Dubai: Long-serving Godolphin handler Saeed Bin Surour has the UAE Classics on his mind after watching Promising Run run out a decisive winner of the Group 2 Shadwell Rockfel Stakes on the second day of Newmarket’s Cambridgeshire Meeting on Friday.

Having caught the eye when smartly winning her maiden at this track four weeks ago, the Hard Spun filly once again impressed her handler with a 1 3/4 beating of Sir Michael Stoute’s Thetis in the seven furlong contest.

The Rockfel is a useful pointer to the following season’s English 1,000 Guineas, but Bin Surour was thinking of the UAE equivalent and the UAE Oaks.

“We like her a lot and I think the mile will be better for her in the future,” he told Racing UK.

“I think the mile will be better for her early in the season in May, but I think in time she could go a mile and a quarter.

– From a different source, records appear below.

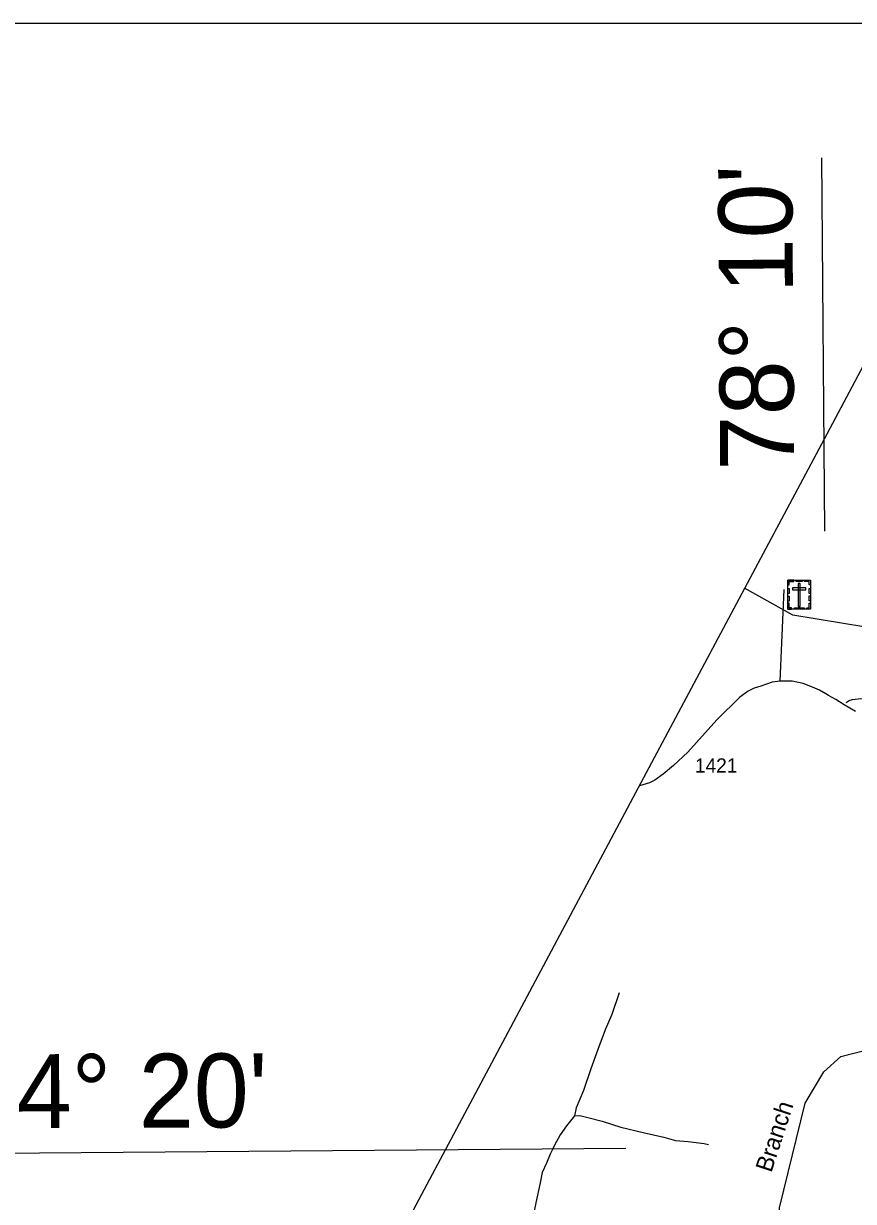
# Model space of a CAD drawing. Extents: x 2225501 to 2309677, y 165449 to 227696.
# Drawn here: x 2244504 to 2251795, y 212881 to 223234 of the extents above; entities that cross this region are included whole.
import ezdxf

# ---------------------------------------------------------------- set-up
doc = ezdxf.new("R2010")
doc.units = 0
for name, color, linetype in [('E_RDY_CMT_EOP', 7, 'Continuous'), ('Old_Level_3', 7, 'Continuous'), ('Old_Level_33', 7, 'Continuous'), ('Old_Level_51', 7, 'Continuous'), ('P_HYD_DRAINAGE_STR_TYPE_LABEL', 7, 'Continuous'), ('P_HYD_Pipe_Pipe_Removal', 7, 'Continuous'), ('P_HYD_PIPE_RCP_CLASS IV_LABEL', 7, 'Continuous'), ('Prop Mkg Solid Yellow Edge Line', 7, 'Continuous'), ('Prop Support', 7, 'Continuous'), ('Scratch_Level_1', 7, 'Continuous'), ('Typical Terminator CELL', 7, 'Continuous')]:
    doc.layers.add(name, color=color, linetype=linetype)

msp = doc.modelspace()

# ---------------------------------------------------------------- linework, layer by layer
at = {"layer": 'Old_Level_3'}
msp.add_line((2251152, 217454), (2251187, 218260), dxfattribs=at)
for points in [[(2251731, 217265), (2251757, 217283), (2251787, 217293), (2251859, 217300), (2252045, 217297), (2252091, 217302), (2252183, 217319), (2252255, 217343), (2252320, 217372), (2252358, 217392), (2252472, 217439)], [(2249737, 214715), (2249671, 214523), (2249615, 214388), (2249550, 214215), (2249489, 214047), (2249424, 213856), (2249359, 213702), (2249345, 213632)], [(2249345, 213632), (2249275, 213544), (2249219, 213465), (2249168, 213376), (2249153, 213344)], [(2249345, 213632), (2249391, 213636), (2249461, 213618), (2249587, 213585), (2249751, 213534), (2249947, 213487), (2250129, 213445), (2250231, 213417), (2250343, 213408), (2250483, 213389), (2250521, 213380)], [(2249153, 213344), (2249130, 213297), (2249098, 213218), (2249060, 213134), (2249042, 213045), (2249004, 212868), (2248962, 212667), (2248920, 212433), (2248883, 212181), (2248860, 212060), (2248849, 212010)]]:
    msp.add_lwpolyline(points, dxfattribs=at)
at = {"layer": 'Old_Level_33'}
msp.add_lwpolyline([(2251814, 217186), (2251712, 217245), (2251639, 217291), (2251576, 217329), (2251551, 217343), (2251496, 217374), (2251435, 217401), (2251354, 217432), (2251255, 217454), (2251152, 217454), (2251082, 217444), (2250980, 217411), (2250923, 217393), (2250871, 217365), (2250797, 217314), (2250596, 217114), (2250340, 216830), (2250215, 216713), (2250122, 216637), (2250051, 216582), (2250002, 216560), (2249914, 216534)], dxfattribs=at)
at = {"layer": 'Old_Level_51'}
msp.add_lwpolyline([(2252865, 222076), (2251537, 219581), (2249903, 216515), (2248210, 213337), (2246231, 209621), (2243743, 204951), (2241922, 201533), (2239717, 197394), (2237003, 192299), (2234601, 187789), (2232019, 182943), (2229513, 178250), (2226734, 173036), (2226255, 172151), (2225501, 170758)], dxfattribs=at)
at = {"layer": 'P_HYD_Pipe_Pipe_Removal'}
msp.add_lwpolyline([(2243856, 191238), (2266254, 191238), (2266254, 223234), (2243856, 223234)], close=True, dxfattribs=at)
at = {"layer": 'P_HYD_PIPE_RCP_CLASS IV_LABEL'}
for p, q in [((2251543, 218772), (2251516, 222054)), ((2243413, 213298), (2249796, 213349))]:
    msp.add_line(p, q, dxfattribs=at)
at = {"layer": 'Prop Mkg Solid Yellow Edge Line'}
for points in [[(2251218, 218342), (2251417, 218342), (2251417, 218087), (2251218, 218087)], [(2251218, 218299), (2251230, 218299), (2251230, 218331), (2251270, 218331), (2251270, 218342), (2251218, 218342)], [(2251218, 218224), (2251218, 218268), (2251230, 218268), (2251230, 218224)], [(2251259, 218274), (2251259, 218255), (2251377, 218255), (2251377, 218274)], [(2251292, 218342), (2251344, 218342), (2251344, 218330), (2251292, 218330)], [(2251327, 218313), (2251309, 218313), (2251309, 218110), (2251327, 218110)], [(2251417, 218299), (2251406, 218299), (2251406, 218331), (2251366, 218331), (2251366, 218342), (2251417, 218342)], [(2251406, 218225), (2251406, 218269), (2251417, 218269), (2251417, 218225)], [(2251218, 218157), (2251218, 218201), (2251230, 218201), (2251230, 218157)], [(2251251, 218087), (2251251, 218099), (2251229, 218099), (2251229, 218139), (2251218, 218139), (2251218, 218087)], [(2251384, 218087), (2251384, 218099), (2251406, 218099), (2251406, 218139), (2251417, 218139), (2251417, 218087)], [(2251406, 218160), (2251406, 218203), (2251417, 218203), (2251417, 218160)], [(2251276, 218099), (2251361, 218099), (2251361, 218087), (2251276, 218087)]]:
    msp.add_lwpolyline(points, close=True, dxfattribs=at)
at = {"layer": 'Prop Support'}
msp.add_lwpolyline([(2251903, 217929), (2251261, 218033), (2250838, 218270)], dxfattribs=at)
at = {"layer": 'Typical Terminator CELL'}
msp.add_lwpolyline([(2250466, 211495), (2250638, 211528), (2250870, 211707), (2251019, 211875), (2251092, 212067), (2251145, 212824), (2251370, 213744), (2251535, 214020), (2251683, 214155), (2252074, 214255), (2252348, 214384), (2252728, 214738)], dxfattribs=at)

# ---------------------------------------------------------------- texts
at = {"layer": 'E_RDY_CMT_EOP'}
msp.add_text('1421', height=125, dxfattribs=at).set_placement((2250403, 216650))
at = {"layer": 'P_HYD_DRAINAGE_STR_TYPE_LABEL'}
for s, rotation, p in [("78° 10'", 90.387, (2251274, 219308)), ("34° 20'", 0.2163, (2243961, 213522))]:
    msp.add_text(s, height=650, rotation=rotation, dxfattribs=at).set_placement(p)
at = {"layer": 'Scratch_Level_1'}
msp.add_text('Branch', height=150, rotation=71.9307, dxfattribs=at).set_placement((2251073, 213128))

doc.saveas('drawing.dxf')
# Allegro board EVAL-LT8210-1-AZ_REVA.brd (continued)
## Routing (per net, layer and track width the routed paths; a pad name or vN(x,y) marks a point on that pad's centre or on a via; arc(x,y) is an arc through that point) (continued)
VDD: length 538.3
  TOP w0.635: v2(102.26,104.34) D3.C ; v2(102.26,17.09) D1.C ; v2(102.26,194.13) D5.C ; v2(102.26,283.92) D7.C
  TOP w0.762: RPWGD4.2 47.84,285.54 v1(46.23,283.92) ; v1(46.22,104.33) 47.88,105.99 RPWGD2.2 ; RPWGD3.2 47.85,195.78 v1(46.2,194.13)
  L3_SIG w0.508: v1(46.23,283.92) 46.22,283.91 46.22,194.14 v1(46.2,194.13) 46.22,194.12 v1(46.22,104.33) 46.22,23.36 v2(46.99,22.58)
  L5_VCC w0.508: 46.99,18.08 v2(46.99,22.58) 46.99,29.34 48.77,31.11 v2(52.02,31.11) ; 46.99,18.08 46.99,13.51 ; 46.99,18.08 49.51,18.08 51.23,16.36 JP2.1 ; 46.99,13.51 49.3,13.51 JP1.1 ; 46.99,13.51 46.99,10.74 50.16,7.57 92.73,7.57 v2(102.26,17.09) ; v2(102.26,283.92) 49.25,283.92 v1(46.23,283.92) ; v1(46.22,104.33) 46.88,104.33 46.89,104.34 v2(102.26,104.34) ; v1(46.2,194.13) v2(102.26,194.13)
VIN: length 383.1
  TOP w0.203: L5.1 74.76,90.94 18.16,90.94 P2.1
  TOP w0.508: 28.96,315.25 v2(28.96,316.51) ; 28.96,48.43 28.97,48.44 29.22,48.44 v2(29.22,49.68) ; 28.96,225.46 v2(28.96,226.72) ; v2(28.96,136.65) 28.96,135.65
  TOP w0.61: v2(102.76,200.75) 103.75,200.75 103.76,200.76 RIN3.2 ; RIN1.2 103.76,23.72 103.75,23.71 v2(102.76,23.71) ; v2(102.76,110.96) 103.75,110.96 103.76,110.97 RIN2.2 ; RIN4.2 103.76,290.55 103.75,290.54 v2(102.76,290.54)
  TOP w0.635: REN5.2 103.9,199.13 RIN3.2 ; REN1.2 103.9,22.1 RIN1.2 ; RIN2.2 103.9,109.35 REN3.2 ; REN7.2 103.9,288.92 RIN4.2
  L5_VCC w0.61: 31.62,121.77 91.95,121.77 v2(102.76,110.96) ; 31.55,37.53 88.94,37.53 v2(102.76,23.71) ; v2(102.76,200.75) 91.95,211.56 31.6,211.56 ; v2(102.76,290.54) 91.95,301.35 31.7,301.35
  vias: v2(7.57,273.69) v2(7.57,94.36) v2(8,276.13) v2(8,271.24) v2(8,96.81) v2(8,91.91) v2(9.24,278.29) v2(9.24,269.08) v2(9.24,98.97) v2(9.24,89.76) v2(11.15,279.89) v2(11.15,267.48) v2(11.15,100.56) v2(11.15,88.16) v2(13.49,280.74) v2(13.49,266.63) v2(13.49,101.42) v2(13.49,87.31) v2(15.98,280.74) v2(15.98,266.63) v2(15.98,101.42) v2(15.98,87.31) v2(18.31,279.89) v2(18.31,267.48) v2(18.31,100.56) v2(18.31,88.16) v2(20.22,278.29) v2(20.22,269.08) v2(20.22,98.97) v2(20.22,89.76) v2(21.46,276.13) v2(21.46,271.24) v2(21.46,96.81) v2(21.46,91.91) v2(21.89,273.69) v2(21.89,94.36) v2(24.77,241.68) v2(24.77,240.54) v2(24.77,239.4) v2(24.77,238.25) v2(24.77,237.11) v2(24.77,235.97) v2(24.77,234.82) v2(24.77,233.68) v2(24.77,232.54) v2(24.77,231.39) v2(24.77,230.25) v2(24.77,229.11) v2(24.77,227.97) v2(24.77,226.82) v2(24.77,225.68) v2(24.77,224.54) v2(24.83,331.47) v2(24.83,330.33) v2(24.83,329.18) v2(24.83,328.04) v2(24.83,326.9) v2(24.83,325.75) v2(24.83,324.61) v2(24.83,323.47) v2(24.83,322.33) v2(24.83,321.18) v2(24.83,320.04) v2(24.83,318.9) v2(24.83,317.75) v2(24.83,316.61) v2(24.83,315.47) v2(24.83,314.32) v2(24.89,151.26) v2(24.89,150.11) v2(24.89,148.97) v2(24.89,147.83) v2(24.89,146.69) v2(24.89,145.54) v2(24.89,144.4) v2(24.89,143.26) v2(24.89,142.11) v2(24.89,140.97) v2(24.89,139.83) v2(24.89,138.68) v2(24.89,137.54) v2(24.89,136.4) v2(24.89,135.26) v2(24.89,134.11) v2(24.8,64.01) v2(24.8,62.87) v2(24.8,61.72) v2(24.8,60.58) v2(24.8,59.44) v2(24.8,58.29) v2(24.8,57.15) v2(24.8,56.01) v2(24.8,54.86) v2(24.8,53.72) v2(24.8,52.58) v2(24.8,51.44) v2(24.8,50.29) v2(24.8,49.15) v2(24.8,48.01) v2(24.8,46.86) v2(25.97,331.47) v2(25.97,330.33) v2(25.97,329.18) v2(25.97,328.04) v2(25.97,326.9) v2(25.97,325.75) v2(25.97,324.61) v2(25.97,323.47) v2(25.97,322.33) v2(25.97,321.18) v2(25.97,320.04) v2(25.97,318.9) v2(25.97,317.75) v2(25.97,316.61) v2(25.97,315.47) v2(25.97,314.32) v2(25.91,241.68) v2(25.91,240.54) v2(25.91,239.4) v2(25.91,238.25) v2(25.91,237.11) v2(25.91,235.97) v2(25.91,234.82) v2(25.91,233.68) v2(25.91,232.54) v2(25.91,231.39) v2(25.91,230.25) v2(25.91,229.11) v2(25.91,227.97) v2(25.91,226.82) v2(25.91,225.68) v2(25.91,224.54) v2(25.95,64.01) v2(25.95,62.87) v2(25.95,61.72) v2(25.95,60.58) v2(25.95,59.44) v2(25.95,58.29) v2(25.95,57.15) v2(25.95,56.01) v2(25.95,54.86) v2(25.95,53.72) v2(25.95,52.58) v2(25.95,51.44) v2(25.95,50.29) v2(25.95,49.15) v2(25.95,48.01) v2(25.95,46.86) v2(26.03,151.26) v2(26.03,150.11) v2(26.03,148.97) v2(26.03,147.83) v2(26.03,146.69) v2(26.03,145.54) v2(26.03,144.4) v2(26.03,143.26) v2(26.03,142.11) v2(26.03,140.97) v2(26.03,139.83) v2(26.03,138.68) v2(26.03,137.54) v2(26.03,136.4) v2(26.03,135.26) v2(26.03,134.11) v2(27.05,241.68) v2(27.05,240.54) v2(27.05,239.4) v2(27.05,238.25) v2(27.05,237.11) v2(27.05,235.97) v2(27.05,234.82) v2(27.05,233.68) v2(27.05,232.54) v2(27.05,231.39) v2(27.05,230.25) v2(27.05,229.11) v2(27.05,227.97) v2(27.05,226.82) v2(27.05,225.68) v2(27.05,224.54) v2(27.09,64.01) v2(27.09,62.87) v2(27.09,61.72) v2(27.09,60.58) v2(27.09,59.44) v2(27.09,58.29) v2(27.09,57.15) v2(27.09,56.01) v2(27.09,54.86) v2(27.09,53.72) v2(27.09,52.58) v2(27.09,51.44) v2(27.09,50.29) v2(27.09,49.15) v2(27.09,48.01) v2(27.09,46.86) v2(27.11,331.47) v2(27.11,330.33) v2(27.11,329.18) v2(27.11,328.04) v2(27.11,326.9) v2(27.11,325.75) v2(27.11,324.61) v2(27.11,323.47) v2(27.11,322.33) v2(27.11,321.18) v2(27.11,320.04) v2(27.11,318.9) v2(27.11,317.75) v2(27.11,316.61) v2(27.11,315.47) v2(27.11,314.32) v2(27.18,151.26) v2(27.18,150.11) v2(27.18,148.97) v2(27.18,147.83) v2(27.18,146.69) v2(27.18,145.54) v2(27.18,144.4) v2(27.18,143.26) v2(27.18,142.11) v2(27.18,140.97) v2(27.18,139.83) v2(27.18,138.68) v2(27.18,137.54) v2(27.18,136.4) v2(27.18,135.26) v2(27.18,134.11)
BST1: length 4.1
  TOP w0.635: RBST1.1 111.43,33.95 DBST1.C 109.91,33.93 CBST1.2
BST2: length 4.1
  TOP w0.635: RBST2.1 122.25,33.91 DBST2.C 123.77,33.94 CBST2.1
BST3: length 4.1
  TOP w0.635: CBST3.2 109.91,121.18 DBST3.C 111.43,121.2 RBST3.1
BST4: length 4.1
  TOP w0.635: RBST4.1 122.25,121.16 DBST4.C 123.77,121.19 CBST4.1
BST5: length 4.1
  TOP w0.635: RBST5.1 111.43,210.99 DBST5.C 109.91,210.97 CBST5.2
BST6: length 4.1
  TOP w0.635: CBST6.1 123.77,210.98 DBST6.C 122.25,210.95 RBST6.1
BST7: length 4.1
  TOP w0.635: CBST7.2 109.91,300.76 DBST7.C 111.43,300.77 RBST7.1
BST8: length 4.1
  TOP w0.635: CBST8.1 123.77,300.77 DBST8.C 122.25,300.74 RBST8.1
EN: length 24.9
  TOP w0.508: U8.1 90.76,180.76 R77.2 ; R81.1 R82.1 89.28,189.52 89.28,184.91 87.25,182.88 87.25,181.36 87.84,180.76 R77.2 ; R77.2 87.88,179.62 R80.1 R83.1
EN1: length 247.7
  TOP w0.279: REN1.1 107.1,22.01 107.82,22.73 U1.37
  TOP w0.381: v1(86.99,172.34) 87.08,172.25 R80.2 ; REN2.2 105.69,21.18 v1(105.66,21.21) 105.69,21.23 REN1.1
  L3_SIG w0.381: v1(48.77,170.43) 48.64,170.31 48.64,116.84 47.62,115.82 47.62,108.46 48.77,107.31 48.77,32.89 v1(49.02,32.64)
  L5_VCC w0.381: v1(49.02,32.64) 55.12,32.64 58.55,29.21 89.79,29.21 97.79,21.21 v1(105.66,21.21) ; v1(48.77,170.43) 49.15,170.82 69.72,170.82 71.25,172.34 v1(86.99,172.34)
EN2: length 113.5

“She is entered in the Fillies’ Mile but that is in two weeks. We will talk to His Highness Shaikh Mohammad Bin Rashid Al Maktoum, Vice President and Prime Minister of the UAE and Ruler of Dubai and decide if we take her to Dubai or keep her here. If she goes to Dubai she would go for the UAE Guineas and Oaks.”

Bin Surour has won the last two runnings of the Guineas at Meydan with Local Time and Ihtimal.

Promising Run is a shortening 25/1 for the 2016 English 1,000 Guineas, a race that Bin Surour has not win since Kazzia triumphed in 2002.

The market is lead by the Aidan O’Brien-trained pair of Ballydoyle (8/1) and Minding (12/1), who were second and first in the Group 1 Moyglare Stud Stakes at theC urragh earlier this month.

Godolphin pilot James Doyle was also impressed with the attitude Promising Run displayed in what was only her third visit to the racecourse.

“She’s got plenty of ability. She ran a nice race at Goodwood over six and stepped up on that the next day,” he said.

“We were quite hopeful. She felt quite nice when she broke her maiden and we know she stays quite well.

“She’s a strong galloper and has got a good a staying pedigree.”

Meanwhile, Ryan Moore did not waste any time in opening his account after being sideline for two months due to injury, when he partnered Time Test to land the Group 2 Shadwell Joel Stakes.

Roger Charlton’s colt scored by a length from the David O’Meara-trained Custom Cut, who was denied back-to-back wins in the mile contest,

“I’m very lucky to come back from injury and ride horses like this,” said the three-time champion jockey who suffered a neck injury in July.2

Charlton was looking to take the winner aboard for his next challenge.

“He’s obviously got speed and class to run over a mile and Ryan said he would be better on faster ground. He could go to the Breeders’ Cup Mile or Hong Kong or maybe nowhere,” he said.

The Dubawi colt also holds entries in the Group 1 Champion Stakes and Group 1 Queen Elizabeth II Stakes at Ascot on October 17.